_Stored dataset items_
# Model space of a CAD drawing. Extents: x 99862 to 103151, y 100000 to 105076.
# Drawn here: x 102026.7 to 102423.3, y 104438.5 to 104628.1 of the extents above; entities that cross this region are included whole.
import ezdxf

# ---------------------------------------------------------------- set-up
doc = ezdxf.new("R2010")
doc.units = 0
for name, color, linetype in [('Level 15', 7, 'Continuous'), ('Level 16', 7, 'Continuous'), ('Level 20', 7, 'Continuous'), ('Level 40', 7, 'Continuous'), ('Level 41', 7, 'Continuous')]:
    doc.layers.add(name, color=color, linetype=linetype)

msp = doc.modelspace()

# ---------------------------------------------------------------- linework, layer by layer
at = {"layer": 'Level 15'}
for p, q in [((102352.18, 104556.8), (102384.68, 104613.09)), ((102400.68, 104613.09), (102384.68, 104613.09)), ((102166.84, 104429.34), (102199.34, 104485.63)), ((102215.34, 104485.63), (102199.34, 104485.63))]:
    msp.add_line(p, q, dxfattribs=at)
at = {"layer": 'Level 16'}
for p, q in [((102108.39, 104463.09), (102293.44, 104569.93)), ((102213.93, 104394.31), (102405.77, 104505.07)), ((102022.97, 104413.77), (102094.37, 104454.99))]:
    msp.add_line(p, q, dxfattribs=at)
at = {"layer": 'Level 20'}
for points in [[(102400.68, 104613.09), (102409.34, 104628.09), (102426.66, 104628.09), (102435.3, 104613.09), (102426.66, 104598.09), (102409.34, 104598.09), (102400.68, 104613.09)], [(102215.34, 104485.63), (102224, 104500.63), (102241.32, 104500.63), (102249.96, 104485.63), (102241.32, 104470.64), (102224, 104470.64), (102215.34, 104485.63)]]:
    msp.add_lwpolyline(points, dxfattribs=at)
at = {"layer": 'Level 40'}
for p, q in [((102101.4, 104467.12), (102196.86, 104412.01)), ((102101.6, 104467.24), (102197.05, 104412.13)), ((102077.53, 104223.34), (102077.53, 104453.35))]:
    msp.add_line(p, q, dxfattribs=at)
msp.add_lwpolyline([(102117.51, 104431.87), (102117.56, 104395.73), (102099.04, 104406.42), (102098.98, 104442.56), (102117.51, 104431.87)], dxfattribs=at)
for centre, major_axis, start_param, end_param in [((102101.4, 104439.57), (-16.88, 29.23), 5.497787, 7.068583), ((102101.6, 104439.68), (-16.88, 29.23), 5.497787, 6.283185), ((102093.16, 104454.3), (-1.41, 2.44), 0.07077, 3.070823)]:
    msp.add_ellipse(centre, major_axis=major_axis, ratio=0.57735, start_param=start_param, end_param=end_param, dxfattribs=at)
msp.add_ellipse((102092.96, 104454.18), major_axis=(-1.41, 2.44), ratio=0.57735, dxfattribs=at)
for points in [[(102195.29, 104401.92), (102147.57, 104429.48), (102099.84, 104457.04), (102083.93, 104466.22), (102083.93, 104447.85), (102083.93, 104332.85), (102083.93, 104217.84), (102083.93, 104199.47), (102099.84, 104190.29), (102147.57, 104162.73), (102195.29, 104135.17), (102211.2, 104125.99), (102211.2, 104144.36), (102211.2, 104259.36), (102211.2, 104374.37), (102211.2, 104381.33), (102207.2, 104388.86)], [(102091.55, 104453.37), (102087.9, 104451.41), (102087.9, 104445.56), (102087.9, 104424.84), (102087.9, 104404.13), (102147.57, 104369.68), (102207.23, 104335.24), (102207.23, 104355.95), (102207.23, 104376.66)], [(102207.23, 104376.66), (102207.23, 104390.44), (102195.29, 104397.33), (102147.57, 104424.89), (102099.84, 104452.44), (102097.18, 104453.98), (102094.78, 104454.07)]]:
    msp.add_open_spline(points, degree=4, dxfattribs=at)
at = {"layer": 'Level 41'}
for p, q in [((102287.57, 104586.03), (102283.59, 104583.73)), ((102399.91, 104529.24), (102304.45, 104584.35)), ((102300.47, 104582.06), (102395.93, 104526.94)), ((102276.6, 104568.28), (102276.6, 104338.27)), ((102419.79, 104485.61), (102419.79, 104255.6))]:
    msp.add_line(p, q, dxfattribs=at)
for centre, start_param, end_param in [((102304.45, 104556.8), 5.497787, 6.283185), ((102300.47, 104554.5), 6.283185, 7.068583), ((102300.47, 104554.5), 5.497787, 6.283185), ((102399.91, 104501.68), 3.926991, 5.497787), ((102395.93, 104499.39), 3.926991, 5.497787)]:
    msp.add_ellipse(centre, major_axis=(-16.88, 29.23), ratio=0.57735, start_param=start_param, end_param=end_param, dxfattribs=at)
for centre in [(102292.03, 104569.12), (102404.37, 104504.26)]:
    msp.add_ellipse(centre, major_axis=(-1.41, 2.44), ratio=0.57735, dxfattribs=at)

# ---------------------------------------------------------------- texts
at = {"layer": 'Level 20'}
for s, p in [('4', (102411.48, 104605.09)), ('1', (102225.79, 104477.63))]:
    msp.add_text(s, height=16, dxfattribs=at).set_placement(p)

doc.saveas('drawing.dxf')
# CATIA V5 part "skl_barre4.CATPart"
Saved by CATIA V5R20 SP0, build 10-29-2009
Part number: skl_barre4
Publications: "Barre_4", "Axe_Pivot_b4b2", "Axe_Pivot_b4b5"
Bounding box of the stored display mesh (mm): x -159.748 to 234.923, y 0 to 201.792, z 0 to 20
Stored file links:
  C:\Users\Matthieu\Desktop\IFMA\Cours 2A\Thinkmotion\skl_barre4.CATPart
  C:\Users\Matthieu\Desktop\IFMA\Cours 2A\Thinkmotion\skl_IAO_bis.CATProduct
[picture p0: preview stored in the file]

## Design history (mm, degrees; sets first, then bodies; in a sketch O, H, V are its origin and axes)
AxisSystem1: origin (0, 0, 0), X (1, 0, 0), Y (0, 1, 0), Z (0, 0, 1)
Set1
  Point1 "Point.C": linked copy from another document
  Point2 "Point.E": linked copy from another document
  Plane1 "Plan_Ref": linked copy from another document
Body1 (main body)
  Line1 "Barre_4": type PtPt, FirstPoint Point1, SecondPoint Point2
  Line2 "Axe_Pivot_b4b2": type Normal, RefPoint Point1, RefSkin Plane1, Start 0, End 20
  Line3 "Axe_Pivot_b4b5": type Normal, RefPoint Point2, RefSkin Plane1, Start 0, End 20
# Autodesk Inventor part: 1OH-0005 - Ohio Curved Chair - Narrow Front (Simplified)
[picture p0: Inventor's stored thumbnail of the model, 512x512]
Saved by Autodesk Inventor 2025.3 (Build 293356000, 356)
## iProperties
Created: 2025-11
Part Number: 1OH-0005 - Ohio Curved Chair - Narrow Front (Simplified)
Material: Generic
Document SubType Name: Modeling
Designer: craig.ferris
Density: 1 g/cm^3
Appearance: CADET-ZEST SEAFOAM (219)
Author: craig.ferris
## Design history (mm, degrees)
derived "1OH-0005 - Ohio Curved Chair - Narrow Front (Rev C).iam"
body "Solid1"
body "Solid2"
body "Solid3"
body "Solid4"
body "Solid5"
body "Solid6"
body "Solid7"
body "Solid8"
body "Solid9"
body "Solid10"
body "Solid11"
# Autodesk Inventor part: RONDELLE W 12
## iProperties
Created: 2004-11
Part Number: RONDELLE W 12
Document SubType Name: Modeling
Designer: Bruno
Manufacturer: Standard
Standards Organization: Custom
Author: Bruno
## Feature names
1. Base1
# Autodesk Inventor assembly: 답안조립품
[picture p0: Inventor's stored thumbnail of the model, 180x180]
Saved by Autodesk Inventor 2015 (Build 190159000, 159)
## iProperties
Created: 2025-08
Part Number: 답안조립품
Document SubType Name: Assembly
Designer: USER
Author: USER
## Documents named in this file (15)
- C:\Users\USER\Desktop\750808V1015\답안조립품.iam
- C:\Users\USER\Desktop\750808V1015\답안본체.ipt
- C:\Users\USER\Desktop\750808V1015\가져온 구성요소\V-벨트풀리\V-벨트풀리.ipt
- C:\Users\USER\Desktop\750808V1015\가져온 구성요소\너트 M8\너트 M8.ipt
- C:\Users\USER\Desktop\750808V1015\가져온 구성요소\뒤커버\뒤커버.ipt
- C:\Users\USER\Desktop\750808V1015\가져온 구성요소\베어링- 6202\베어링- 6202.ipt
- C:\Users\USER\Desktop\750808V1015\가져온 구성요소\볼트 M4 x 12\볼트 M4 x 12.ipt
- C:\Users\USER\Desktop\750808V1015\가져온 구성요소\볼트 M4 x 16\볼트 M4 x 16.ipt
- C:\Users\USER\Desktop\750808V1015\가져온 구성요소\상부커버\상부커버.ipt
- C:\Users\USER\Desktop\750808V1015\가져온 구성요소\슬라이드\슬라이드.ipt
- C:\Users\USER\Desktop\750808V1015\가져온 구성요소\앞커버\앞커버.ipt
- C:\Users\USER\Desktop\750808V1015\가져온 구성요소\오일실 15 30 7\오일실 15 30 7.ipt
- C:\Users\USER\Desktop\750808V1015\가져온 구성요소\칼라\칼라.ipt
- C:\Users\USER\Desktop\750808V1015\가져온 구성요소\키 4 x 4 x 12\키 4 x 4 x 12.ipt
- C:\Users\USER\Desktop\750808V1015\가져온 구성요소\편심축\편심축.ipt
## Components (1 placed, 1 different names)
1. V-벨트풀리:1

_TASK DESCRIPTION_
Return each line of the records above in which the word "RefSkin" occurs.

_EXERCISE RESPONSE_
  Line2 "Axe_Pivot_b4b2": type Normal, RefPoint Point1, RefSkin Plane1, Start 0, End 20
  Line3 "Axe_Pivot_b4b5": type Normal, RefPoint Point2, RefSkin Plane1, Start 0, End 20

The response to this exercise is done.